Exercise directions:
In the entries that follow, the lines from the one with "net group HSO_C_DP6: nets HSO_C_DP6 HSO_DP6" through the one with "net group PEG_C_RXP5: nets" are the ones to write out, exactly and with both ends included. Nothing else should appear.

Data provided:
____________________

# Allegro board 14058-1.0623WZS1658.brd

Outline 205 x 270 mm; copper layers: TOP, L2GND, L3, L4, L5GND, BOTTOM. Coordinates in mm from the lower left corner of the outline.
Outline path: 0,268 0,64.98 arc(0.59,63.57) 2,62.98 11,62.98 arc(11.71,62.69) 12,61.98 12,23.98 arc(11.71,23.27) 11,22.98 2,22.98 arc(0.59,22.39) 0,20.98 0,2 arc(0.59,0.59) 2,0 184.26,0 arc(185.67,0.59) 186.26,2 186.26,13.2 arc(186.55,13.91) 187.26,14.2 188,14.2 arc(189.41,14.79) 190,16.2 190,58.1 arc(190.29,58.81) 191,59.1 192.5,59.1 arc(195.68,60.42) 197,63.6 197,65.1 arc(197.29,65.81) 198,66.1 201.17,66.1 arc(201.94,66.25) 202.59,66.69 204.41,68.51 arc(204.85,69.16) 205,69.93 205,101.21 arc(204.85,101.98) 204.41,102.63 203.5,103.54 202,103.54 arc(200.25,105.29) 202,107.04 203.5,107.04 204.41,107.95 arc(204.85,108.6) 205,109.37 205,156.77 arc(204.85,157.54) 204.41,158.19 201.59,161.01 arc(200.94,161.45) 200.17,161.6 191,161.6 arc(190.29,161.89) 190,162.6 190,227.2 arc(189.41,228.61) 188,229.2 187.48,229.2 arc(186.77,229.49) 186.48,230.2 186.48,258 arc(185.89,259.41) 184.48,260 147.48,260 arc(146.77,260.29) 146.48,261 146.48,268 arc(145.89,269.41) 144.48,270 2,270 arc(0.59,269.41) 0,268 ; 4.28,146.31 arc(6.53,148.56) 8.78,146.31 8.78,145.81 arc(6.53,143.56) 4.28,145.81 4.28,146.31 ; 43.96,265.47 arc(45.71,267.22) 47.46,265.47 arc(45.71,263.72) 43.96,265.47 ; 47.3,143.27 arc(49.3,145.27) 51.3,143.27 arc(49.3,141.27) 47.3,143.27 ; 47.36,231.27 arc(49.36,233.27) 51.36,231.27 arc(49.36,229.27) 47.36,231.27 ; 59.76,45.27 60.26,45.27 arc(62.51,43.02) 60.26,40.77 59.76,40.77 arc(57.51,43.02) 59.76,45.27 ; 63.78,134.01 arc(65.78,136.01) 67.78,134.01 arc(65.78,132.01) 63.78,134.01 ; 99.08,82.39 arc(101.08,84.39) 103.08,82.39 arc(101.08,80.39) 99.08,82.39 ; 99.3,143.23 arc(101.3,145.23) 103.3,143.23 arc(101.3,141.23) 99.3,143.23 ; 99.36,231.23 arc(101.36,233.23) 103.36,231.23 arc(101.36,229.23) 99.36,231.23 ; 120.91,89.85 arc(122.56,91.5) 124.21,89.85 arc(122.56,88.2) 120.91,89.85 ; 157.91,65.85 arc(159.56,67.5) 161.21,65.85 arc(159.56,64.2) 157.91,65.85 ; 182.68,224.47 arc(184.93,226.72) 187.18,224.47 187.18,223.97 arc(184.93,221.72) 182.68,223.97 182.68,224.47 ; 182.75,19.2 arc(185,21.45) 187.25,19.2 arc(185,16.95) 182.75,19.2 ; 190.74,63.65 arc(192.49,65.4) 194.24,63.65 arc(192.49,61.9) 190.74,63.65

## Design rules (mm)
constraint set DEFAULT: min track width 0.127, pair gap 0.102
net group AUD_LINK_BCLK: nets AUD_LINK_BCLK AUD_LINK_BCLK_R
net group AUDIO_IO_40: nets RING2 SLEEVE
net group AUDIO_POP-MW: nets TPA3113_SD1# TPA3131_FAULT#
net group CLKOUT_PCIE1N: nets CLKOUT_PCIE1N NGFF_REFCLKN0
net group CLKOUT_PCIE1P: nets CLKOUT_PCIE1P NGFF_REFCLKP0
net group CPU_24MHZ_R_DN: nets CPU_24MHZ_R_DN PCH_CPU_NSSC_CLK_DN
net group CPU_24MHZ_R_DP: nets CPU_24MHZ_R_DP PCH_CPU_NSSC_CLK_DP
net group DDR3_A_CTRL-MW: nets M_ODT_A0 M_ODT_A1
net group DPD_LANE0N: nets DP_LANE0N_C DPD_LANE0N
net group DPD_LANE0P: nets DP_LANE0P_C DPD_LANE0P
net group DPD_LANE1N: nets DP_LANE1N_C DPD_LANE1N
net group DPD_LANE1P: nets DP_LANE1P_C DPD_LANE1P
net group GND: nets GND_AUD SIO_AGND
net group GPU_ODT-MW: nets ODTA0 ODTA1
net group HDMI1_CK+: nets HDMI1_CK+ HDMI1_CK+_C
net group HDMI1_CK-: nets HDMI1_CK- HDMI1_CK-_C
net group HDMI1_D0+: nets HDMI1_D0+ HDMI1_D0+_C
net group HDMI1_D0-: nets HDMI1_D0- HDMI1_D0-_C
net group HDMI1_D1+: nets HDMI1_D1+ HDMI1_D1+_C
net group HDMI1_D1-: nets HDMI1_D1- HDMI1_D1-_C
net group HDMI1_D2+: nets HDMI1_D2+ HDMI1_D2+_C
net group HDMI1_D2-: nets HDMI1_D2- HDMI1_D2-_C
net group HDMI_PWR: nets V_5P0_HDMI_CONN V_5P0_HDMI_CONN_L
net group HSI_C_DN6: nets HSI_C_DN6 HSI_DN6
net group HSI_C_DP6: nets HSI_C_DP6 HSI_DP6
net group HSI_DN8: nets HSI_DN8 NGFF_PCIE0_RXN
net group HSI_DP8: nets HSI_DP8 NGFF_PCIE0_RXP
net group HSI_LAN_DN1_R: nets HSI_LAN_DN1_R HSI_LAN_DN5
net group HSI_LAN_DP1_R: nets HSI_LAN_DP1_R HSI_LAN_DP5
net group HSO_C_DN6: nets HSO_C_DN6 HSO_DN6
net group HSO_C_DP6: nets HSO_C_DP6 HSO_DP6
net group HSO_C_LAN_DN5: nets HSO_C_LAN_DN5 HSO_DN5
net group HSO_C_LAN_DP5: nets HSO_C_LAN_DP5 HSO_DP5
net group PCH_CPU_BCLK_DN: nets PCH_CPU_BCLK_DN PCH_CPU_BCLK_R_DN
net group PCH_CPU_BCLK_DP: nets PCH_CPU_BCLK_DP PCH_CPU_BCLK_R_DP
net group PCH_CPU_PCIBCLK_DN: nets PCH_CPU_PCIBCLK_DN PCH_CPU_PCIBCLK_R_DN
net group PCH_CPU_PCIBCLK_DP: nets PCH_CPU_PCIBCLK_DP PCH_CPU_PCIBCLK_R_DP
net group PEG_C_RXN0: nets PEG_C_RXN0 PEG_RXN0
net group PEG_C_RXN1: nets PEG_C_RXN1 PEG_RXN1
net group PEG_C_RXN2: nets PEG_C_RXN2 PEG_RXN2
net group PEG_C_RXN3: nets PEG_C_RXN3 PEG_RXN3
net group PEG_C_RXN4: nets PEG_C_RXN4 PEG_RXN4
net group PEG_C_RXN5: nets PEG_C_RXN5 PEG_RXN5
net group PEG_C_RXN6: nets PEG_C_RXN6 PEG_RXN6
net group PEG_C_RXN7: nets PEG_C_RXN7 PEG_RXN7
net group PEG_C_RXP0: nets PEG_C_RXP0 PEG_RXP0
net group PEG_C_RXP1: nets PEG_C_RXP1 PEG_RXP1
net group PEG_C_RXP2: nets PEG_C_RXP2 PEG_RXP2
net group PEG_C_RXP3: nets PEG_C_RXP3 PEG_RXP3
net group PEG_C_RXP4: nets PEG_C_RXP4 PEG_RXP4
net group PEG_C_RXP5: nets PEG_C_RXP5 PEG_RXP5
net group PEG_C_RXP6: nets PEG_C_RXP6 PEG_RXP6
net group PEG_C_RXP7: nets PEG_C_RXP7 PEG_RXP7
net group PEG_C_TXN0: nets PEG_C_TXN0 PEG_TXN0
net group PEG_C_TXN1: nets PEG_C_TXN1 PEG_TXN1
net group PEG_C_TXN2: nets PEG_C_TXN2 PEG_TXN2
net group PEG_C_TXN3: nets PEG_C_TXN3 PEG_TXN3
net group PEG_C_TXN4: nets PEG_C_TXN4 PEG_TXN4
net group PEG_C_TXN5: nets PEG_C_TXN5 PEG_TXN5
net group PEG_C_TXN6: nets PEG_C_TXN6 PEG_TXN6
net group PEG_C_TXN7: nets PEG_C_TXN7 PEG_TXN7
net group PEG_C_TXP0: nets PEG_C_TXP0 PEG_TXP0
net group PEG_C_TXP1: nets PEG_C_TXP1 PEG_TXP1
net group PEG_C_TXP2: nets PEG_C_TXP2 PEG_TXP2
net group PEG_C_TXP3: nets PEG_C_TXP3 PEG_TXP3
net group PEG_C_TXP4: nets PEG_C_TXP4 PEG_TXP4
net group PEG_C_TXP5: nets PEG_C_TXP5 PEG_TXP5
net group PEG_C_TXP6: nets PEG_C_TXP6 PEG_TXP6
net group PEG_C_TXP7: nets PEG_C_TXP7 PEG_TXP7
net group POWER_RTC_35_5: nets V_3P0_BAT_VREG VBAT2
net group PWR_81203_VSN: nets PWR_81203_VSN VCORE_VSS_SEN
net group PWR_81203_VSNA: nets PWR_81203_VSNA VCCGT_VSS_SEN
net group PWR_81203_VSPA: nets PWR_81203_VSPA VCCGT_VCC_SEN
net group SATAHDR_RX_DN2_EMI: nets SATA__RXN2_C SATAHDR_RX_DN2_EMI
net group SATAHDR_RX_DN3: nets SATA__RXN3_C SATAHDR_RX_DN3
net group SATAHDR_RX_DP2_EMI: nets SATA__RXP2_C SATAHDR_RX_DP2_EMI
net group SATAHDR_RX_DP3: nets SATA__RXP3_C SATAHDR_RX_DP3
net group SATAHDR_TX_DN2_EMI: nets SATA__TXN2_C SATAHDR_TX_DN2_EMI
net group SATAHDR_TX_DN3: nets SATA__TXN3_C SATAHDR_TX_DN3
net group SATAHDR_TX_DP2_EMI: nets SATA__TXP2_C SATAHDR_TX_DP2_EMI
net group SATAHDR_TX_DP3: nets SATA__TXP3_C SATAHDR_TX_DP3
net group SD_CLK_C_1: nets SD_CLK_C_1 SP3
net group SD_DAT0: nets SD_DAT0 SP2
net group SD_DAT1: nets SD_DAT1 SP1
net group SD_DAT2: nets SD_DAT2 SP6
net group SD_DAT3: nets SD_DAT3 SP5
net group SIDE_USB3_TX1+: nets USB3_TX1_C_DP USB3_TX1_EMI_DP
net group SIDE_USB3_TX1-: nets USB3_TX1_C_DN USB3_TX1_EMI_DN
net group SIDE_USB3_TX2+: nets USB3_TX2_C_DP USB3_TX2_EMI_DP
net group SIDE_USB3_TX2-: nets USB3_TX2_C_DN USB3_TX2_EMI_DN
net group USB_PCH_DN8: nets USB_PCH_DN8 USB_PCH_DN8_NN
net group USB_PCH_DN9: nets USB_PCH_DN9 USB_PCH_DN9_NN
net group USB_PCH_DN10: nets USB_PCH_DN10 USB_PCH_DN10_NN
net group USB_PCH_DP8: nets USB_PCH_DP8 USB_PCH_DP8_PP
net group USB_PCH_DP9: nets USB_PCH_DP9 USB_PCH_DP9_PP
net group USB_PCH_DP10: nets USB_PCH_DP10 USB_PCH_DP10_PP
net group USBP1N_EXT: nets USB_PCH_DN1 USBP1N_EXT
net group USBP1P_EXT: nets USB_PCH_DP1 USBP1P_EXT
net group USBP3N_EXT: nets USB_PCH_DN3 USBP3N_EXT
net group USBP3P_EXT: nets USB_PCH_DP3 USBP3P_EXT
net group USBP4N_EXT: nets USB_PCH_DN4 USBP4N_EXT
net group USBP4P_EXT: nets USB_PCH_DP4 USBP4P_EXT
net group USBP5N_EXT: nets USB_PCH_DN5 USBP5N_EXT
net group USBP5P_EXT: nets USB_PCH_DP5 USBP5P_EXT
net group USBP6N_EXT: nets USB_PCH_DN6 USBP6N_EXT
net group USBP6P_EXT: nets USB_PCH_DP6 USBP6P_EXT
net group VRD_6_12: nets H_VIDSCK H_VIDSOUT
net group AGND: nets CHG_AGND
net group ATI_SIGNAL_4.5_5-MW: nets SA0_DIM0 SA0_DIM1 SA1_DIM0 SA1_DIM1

____________________

Exercise response:
net group HSO_C_DP6: nets HSO_C_DP6 HSO_DP6
net group HSO_C_LAN_DN5: nets HSO_C_LAN_DN5 HSO_DN5
net group HSO_C_LAN_DP5: nets HSO_C_LAN_DP5 HSO_DP5
net group PCH_CPU_BCLK_DN: nets PCH_CPU_BCLK_DN PCH_CPU_BCLK_R_DN
net group PCH_CPU_BCLK_DP: nets PCH_CPU_BCLK_DP PCH_CPU_BCLK_R_DP
net group PCH_CPU_PCIBCLK_DN: nets PCH_CPU_PCIBCLK_DN PCH_CPU_PCIBCLK_R_DN
net group PCH_CPU_PCIBCLK_DP: nets PCH_CPU_PCIBCLK_DP PCH_CPU_PCIBCLK_R_DP
net group PEG_C_RXN0: nets PEG_C_RXN0 PEG_RXN0
net group PEG_C_RXN1: nets PEG_C_RXN1 PEG_RXN1
net group PEG_C_RXN2: nets PEG_C_RXN2 PEG_RXN2
net group PEG_C_RXN3: nets PEG_C_RXN3 PEG_RXN3
net group PEG_C_RXN4: nets PEG_C_RXN4 PEG_RXN4
net group PEG_C_RXN5: nets PEG_C_RXN5 PEG_RXN5
net group PEG_C_RXN6: nets PEG_C_RXN6 PEG_RXN6
net group PEG_C_RXN7: nets PEG_C_RXN7 PEG_RXN7
net group PEG_C_RXP0: nets PEG_C_RXP0 PEG_RXP0
net group PEG_C_RXP1: nets PEG_C_RXP1 PEG_RXP1
net group PEG_C_RXP2: nets PEG_C_RXP2 PEG_RXP2
net group PEG_C_RXP3: nets PEG_C_RXP3 PEG_RXP3
net group PEG_C_RXP4: nets PEG_C_RXP4 PEG_RXP4
net group PEG_C_RXP5: nets PEG_C_RXP5 PEG_RXP5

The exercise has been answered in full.